** Opening RECORDED INFORMATION block **

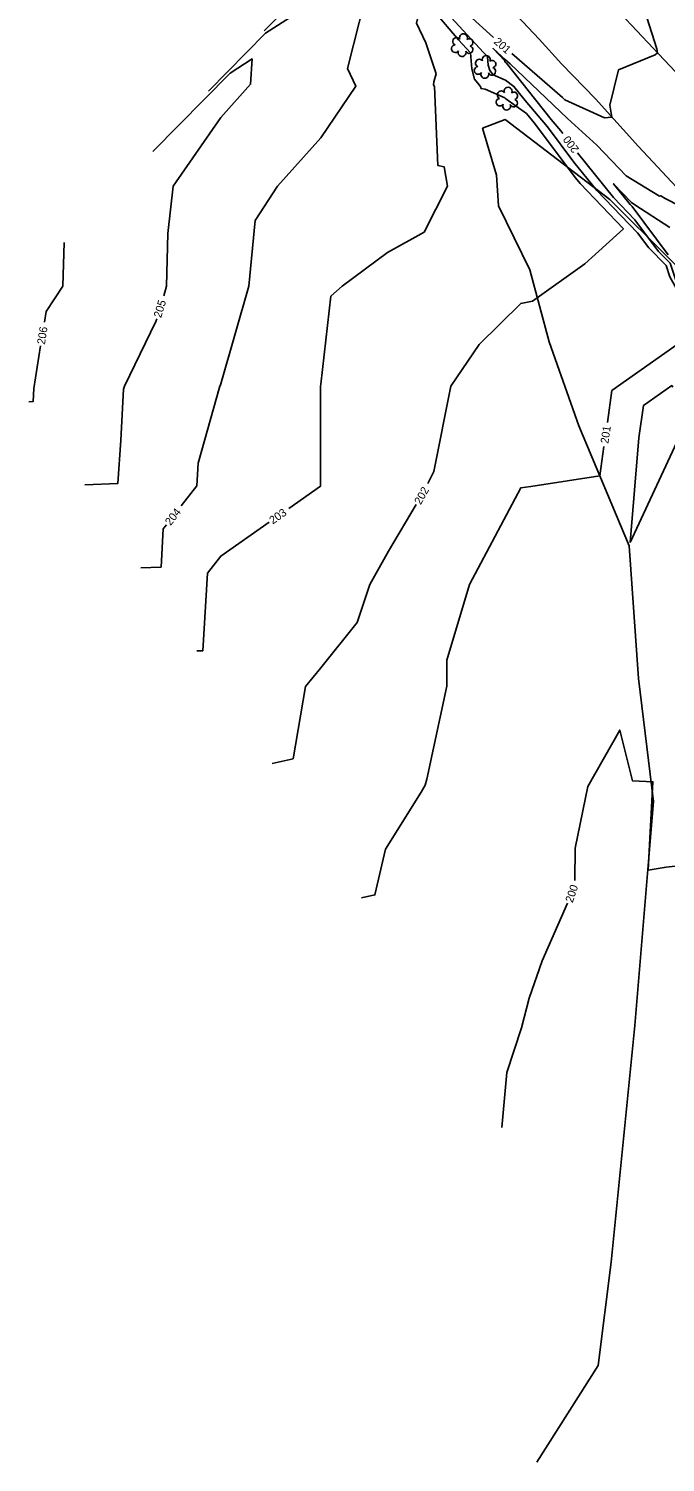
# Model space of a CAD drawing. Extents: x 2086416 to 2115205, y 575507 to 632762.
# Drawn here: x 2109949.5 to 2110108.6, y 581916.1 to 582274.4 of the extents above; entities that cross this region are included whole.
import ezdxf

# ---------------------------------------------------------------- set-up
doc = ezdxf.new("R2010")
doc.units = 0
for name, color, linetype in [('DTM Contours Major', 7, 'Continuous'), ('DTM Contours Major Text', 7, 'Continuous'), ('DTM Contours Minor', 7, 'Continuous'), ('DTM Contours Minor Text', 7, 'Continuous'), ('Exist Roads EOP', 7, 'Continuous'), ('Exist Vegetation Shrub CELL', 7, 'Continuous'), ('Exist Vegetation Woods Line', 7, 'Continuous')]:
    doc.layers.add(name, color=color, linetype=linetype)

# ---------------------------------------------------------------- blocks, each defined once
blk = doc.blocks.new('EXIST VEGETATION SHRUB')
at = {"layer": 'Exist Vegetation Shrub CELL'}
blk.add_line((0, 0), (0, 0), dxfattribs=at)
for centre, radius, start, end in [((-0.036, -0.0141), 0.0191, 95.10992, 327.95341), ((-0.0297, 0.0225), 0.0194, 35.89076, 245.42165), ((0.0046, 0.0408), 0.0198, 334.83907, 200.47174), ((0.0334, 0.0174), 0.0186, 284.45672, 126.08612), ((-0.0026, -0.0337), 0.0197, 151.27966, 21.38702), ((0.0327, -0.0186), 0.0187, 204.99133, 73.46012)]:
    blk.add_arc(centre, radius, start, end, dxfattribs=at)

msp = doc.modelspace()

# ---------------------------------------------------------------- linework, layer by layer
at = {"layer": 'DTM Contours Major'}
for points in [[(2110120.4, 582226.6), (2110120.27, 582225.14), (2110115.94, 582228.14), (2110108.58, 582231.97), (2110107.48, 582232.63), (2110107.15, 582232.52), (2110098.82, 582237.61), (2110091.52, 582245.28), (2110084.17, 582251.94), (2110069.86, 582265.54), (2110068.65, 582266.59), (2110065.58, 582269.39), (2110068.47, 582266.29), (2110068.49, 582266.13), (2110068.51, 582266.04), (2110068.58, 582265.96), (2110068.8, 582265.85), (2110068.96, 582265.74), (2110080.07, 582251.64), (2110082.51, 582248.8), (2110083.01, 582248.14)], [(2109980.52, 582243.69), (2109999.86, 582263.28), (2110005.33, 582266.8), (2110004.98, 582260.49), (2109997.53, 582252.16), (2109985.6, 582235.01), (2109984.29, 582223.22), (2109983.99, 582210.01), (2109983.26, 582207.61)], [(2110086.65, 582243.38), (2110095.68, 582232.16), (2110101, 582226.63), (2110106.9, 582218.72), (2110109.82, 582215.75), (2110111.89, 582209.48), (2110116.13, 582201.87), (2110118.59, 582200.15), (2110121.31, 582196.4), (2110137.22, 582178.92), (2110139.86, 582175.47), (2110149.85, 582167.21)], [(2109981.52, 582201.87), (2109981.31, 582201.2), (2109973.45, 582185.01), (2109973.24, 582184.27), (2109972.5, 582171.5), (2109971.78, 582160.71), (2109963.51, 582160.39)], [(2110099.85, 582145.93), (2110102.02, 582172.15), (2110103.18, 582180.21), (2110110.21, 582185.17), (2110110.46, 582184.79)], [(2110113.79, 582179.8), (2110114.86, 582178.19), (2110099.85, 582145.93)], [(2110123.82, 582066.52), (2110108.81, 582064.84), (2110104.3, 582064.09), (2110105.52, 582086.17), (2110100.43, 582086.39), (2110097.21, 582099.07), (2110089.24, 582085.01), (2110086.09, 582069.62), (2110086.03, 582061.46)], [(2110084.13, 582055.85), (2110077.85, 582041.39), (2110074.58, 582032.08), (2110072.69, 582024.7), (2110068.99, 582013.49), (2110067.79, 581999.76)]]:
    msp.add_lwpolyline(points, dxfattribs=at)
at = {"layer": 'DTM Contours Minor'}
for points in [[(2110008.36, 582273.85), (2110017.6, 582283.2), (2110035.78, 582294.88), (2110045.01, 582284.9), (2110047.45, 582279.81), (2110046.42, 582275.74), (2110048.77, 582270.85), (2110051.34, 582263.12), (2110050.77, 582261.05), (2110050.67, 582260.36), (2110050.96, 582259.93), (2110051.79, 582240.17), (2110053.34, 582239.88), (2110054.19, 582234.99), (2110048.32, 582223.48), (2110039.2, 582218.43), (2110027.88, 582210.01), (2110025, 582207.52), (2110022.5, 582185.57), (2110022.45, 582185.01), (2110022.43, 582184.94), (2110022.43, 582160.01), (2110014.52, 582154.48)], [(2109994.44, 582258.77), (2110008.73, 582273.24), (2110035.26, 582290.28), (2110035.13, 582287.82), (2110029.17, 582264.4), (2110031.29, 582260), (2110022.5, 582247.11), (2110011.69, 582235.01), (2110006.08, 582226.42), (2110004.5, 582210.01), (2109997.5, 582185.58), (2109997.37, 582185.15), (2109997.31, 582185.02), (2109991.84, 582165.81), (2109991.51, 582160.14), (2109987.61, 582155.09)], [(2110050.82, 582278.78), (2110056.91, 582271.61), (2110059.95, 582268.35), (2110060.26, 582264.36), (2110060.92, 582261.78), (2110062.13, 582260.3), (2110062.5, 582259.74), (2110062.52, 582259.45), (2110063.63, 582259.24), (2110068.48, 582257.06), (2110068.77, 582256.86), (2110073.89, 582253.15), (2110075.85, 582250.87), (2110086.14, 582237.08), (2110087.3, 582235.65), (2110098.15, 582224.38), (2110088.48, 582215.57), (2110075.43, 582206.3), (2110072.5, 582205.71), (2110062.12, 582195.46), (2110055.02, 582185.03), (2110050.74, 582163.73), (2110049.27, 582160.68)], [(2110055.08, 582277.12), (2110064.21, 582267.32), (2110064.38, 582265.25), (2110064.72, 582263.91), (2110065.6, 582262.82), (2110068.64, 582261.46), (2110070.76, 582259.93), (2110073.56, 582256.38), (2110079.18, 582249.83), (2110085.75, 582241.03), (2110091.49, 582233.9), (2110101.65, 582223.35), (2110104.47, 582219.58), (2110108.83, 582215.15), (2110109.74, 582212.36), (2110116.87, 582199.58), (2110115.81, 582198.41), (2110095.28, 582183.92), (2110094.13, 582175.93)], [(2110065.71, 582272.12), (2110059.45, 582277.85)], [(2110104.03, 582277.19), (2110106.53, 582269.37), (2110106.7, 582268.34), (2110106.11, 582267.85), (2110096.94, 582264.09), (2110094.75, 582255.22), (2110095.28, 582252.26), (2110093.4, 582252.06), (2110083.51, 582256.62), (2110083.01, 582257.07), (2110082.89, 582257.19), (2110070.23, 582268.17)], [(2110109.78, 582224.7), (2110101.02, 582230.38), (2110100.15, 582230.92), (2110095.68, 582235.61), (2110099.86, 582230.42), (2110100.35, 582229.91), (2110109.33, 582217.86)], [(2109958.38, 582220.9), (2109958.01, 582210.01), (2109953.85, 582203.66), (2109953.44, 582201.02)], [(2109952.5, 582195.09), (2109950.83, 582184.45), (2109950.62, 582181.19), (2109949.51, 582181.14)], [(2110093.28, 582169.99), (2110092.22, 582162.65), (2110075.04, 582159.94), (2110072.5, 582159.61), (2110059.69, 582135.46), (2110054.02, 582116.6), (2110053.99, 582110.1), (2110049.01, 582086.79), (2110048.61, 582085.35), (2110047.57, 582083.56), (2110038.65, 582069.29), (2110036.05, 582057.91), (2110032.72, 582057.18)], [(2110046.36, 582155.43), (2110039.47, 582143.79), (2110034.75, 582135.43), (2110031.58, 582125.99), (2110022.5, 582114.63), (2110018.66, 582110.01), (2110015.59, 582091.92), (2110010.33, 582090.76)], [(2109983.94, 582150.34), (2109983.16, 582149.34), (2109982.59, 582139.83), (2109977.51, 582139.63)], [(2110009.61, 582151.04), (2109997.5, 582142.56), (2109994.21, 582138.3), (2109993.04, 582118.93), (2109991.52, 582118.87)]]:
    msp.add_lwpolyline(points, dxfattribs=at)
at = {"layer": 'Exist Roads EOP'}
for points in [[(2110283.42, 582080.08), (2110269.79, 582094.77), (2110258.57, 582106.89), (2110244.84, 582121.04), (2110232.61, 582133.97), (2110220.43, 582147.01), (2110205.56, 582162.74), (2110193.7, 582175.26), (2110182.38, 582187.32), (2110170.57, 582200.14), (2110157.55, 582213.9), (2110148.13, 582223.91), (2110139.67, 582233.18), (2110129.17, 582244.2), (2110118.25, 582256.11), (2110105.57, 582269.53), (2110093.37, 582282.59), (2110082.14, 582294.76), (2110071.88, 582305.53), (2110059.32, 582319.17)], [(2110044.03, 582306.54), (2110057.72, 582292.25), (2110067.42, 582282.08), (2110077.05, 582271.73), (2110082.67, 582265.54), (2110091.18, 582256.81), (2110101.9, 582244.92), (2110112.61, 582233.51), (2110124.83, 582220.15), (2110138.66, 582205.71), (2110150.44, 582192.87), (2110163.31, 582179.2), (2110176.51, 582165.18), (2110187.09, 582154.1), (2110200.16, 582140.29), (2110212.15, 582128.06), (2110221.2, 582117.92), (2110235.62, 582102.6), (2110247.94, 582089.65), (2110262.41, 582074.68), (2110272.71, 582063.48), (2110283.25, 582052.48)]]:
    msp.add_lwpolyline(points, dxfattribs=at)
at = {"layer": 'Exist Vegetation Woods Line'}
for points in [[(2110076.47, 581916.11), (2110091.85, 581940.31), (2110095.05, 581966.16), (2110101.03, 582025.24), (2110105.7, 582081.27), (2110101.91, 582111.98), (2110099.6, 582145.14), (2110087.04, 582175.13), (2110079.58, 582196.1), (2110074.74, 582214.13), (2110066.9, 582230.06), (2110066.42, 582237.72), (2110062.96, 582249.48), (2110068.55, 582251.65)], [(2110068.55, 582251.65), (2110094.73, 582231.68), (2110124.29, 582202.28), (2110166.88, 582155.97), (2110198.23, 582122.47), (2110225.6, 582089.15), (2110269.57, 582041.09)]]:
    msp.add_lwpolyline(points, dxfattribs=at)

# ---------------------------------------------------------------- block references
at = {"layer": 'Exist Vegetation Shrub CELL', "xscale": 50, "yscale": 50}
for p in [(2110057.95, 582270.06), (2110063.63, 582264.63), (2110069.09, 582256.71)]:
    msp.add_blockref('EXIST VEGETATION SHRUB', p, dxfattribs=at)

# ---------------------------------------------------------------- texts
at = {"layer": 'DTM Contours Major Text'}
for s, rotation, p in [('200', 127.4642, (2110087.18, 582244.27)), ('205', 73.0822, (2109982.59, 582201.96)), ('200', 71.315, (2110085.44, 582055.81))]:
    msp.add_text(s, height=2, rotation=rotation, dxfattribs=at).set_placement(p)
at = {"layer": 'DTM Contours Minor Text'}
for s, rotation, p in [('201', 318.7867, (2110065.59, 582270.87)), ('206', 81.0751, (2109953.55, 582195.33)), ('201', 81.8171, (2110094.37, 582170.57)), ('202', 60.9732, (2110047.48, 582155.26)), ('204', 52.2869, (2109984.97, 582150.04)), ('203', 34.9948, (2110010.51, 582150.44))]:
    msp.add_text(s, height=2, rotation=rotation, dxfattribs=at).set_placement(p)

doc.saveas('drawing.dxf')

** Closing RECORDED INFORMATION block **

Show all lines in the entries above where the word "blocks" appears.

# ---------------------------------------------------------------- blocks, each defined once
blk = doc.blocks.new('EXIST VEGETATION SHRUB')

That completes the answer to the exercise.